▶ **Task goal**: What you return should match the listing exactly, minus its images.

▶ **Data shown**:
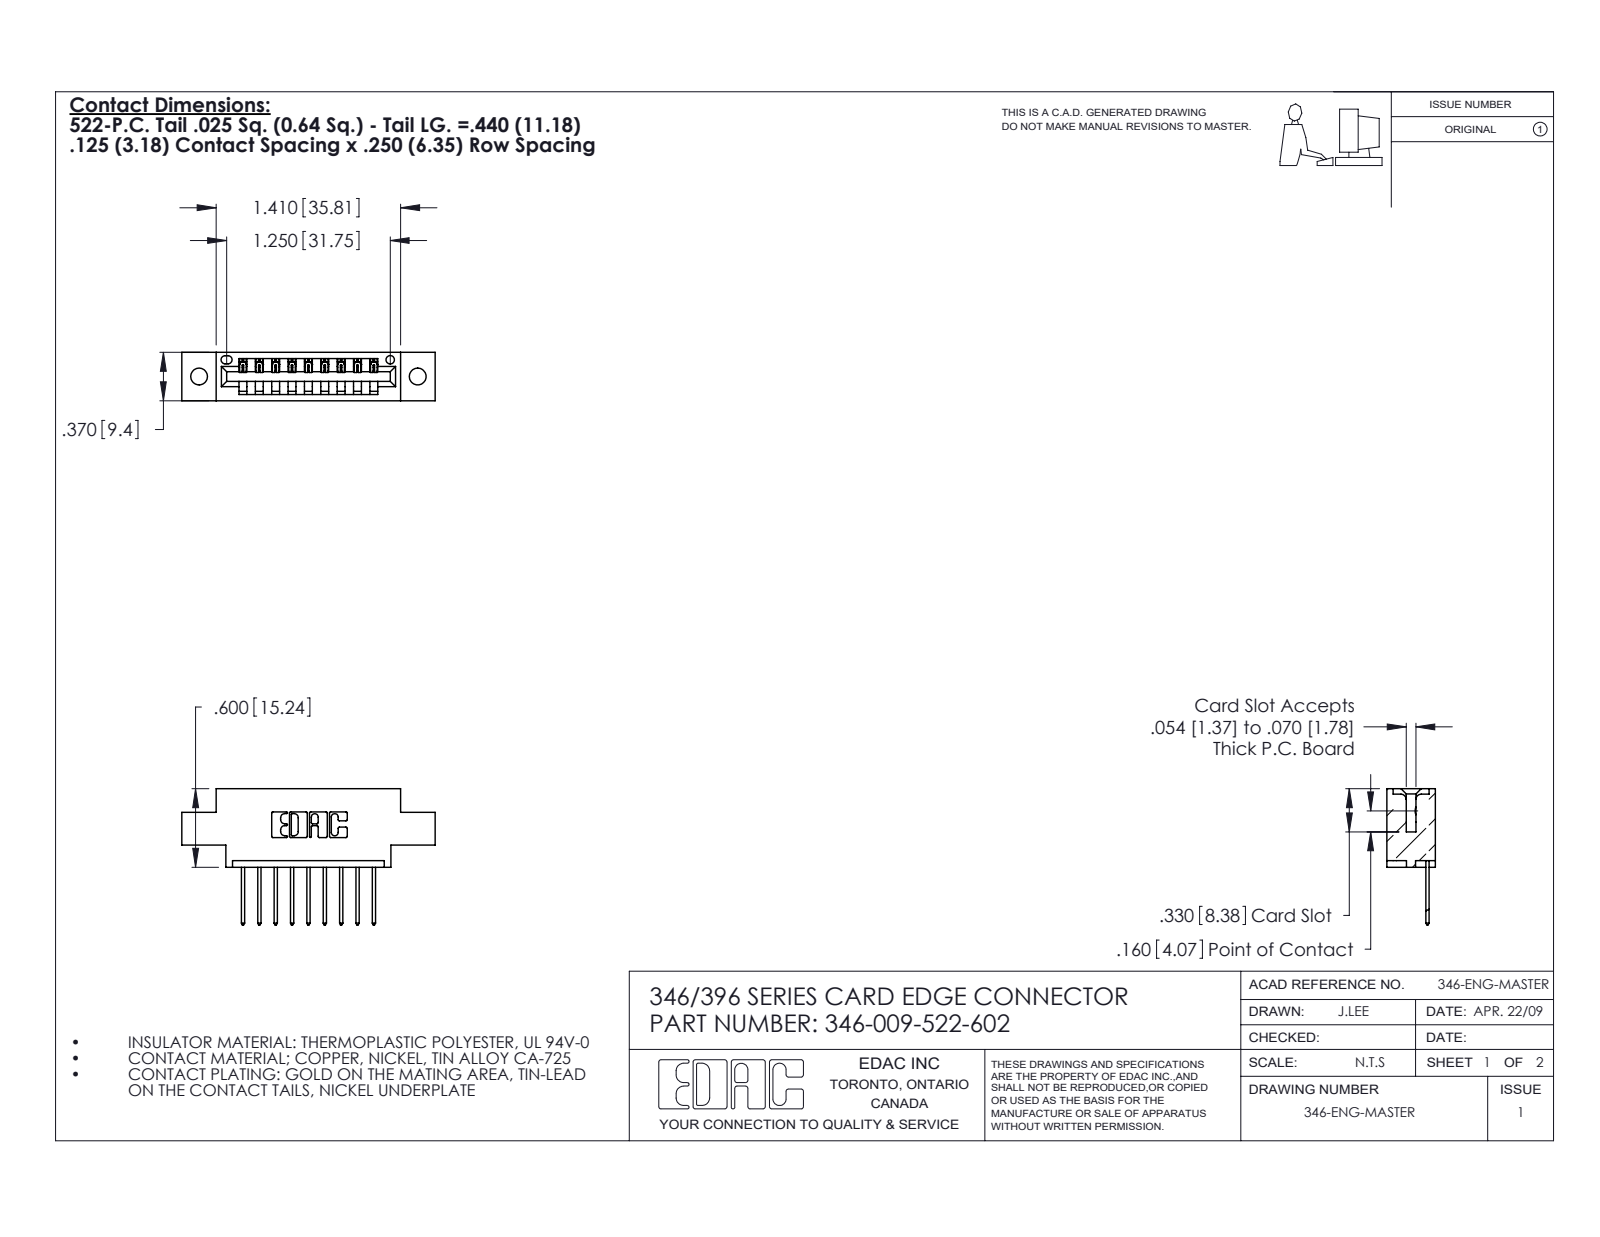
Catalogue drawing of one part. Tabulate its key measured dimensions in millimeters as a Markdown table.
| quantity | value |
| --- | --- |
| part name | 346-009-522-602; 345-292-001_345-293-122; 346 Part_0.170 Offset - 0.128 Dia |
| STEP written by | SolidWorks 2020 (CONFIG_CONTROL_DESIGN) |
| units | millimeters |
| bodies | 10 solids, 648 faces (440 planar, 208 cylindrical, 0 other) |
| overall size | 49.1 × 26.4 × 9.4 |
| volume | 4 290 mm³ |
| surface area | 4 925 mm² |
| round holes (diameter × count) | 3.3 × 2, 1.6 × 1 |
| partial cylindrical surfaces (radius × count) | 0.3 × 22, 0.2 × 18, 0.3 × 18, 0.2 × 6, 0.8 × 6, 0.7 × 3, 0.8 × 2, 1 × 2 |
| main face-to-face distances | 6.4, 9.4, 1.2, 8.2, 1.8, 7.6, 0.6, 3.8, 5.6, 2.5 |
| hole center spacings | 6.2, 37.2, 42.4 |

▶ **Output for this exercise**:
Catalogue drawing of one part. Tabulate its key measured dimensions in millimeters as a Markdown table.
| quantity | value |
| --- | --- |
| part name | 346-009-522-602; 345-292-001_345-293-122; 346 Part_0.170 Offset - 0.128 Dia |
| STEP written by | SolidWorks 2020 (CONFIG_CONTROL_DESIGN) |
| units | millimeters |
| bodies | 10 solids, 648 faces (440 planar, 208 cylindrical, 0 other) |
| overall size | 49.1 × 26.4 × 9.4 |
| volume | 4 290 mm³ |
| surface area | 4 925 mm² |
| round holes (diameter × count) | 3.3 × 2, 1.6 × 1 |
| partial cylindrical surfaces (radius × count) | 0.3 × 22, 0.2 × 18, 0.3 × 18, 0.2 × 6, 0.8 × 6, 0.7 × 3, 0.8 × 2, 1 × 2 |
| main face-to-face distances | 6.4, 9.4, 1.2, 8.2, 1.8, 7.6, 0.6, 3.8, 5.6, 2.5 |
| hole center spacings | 6.2, 37.2, 42.4 |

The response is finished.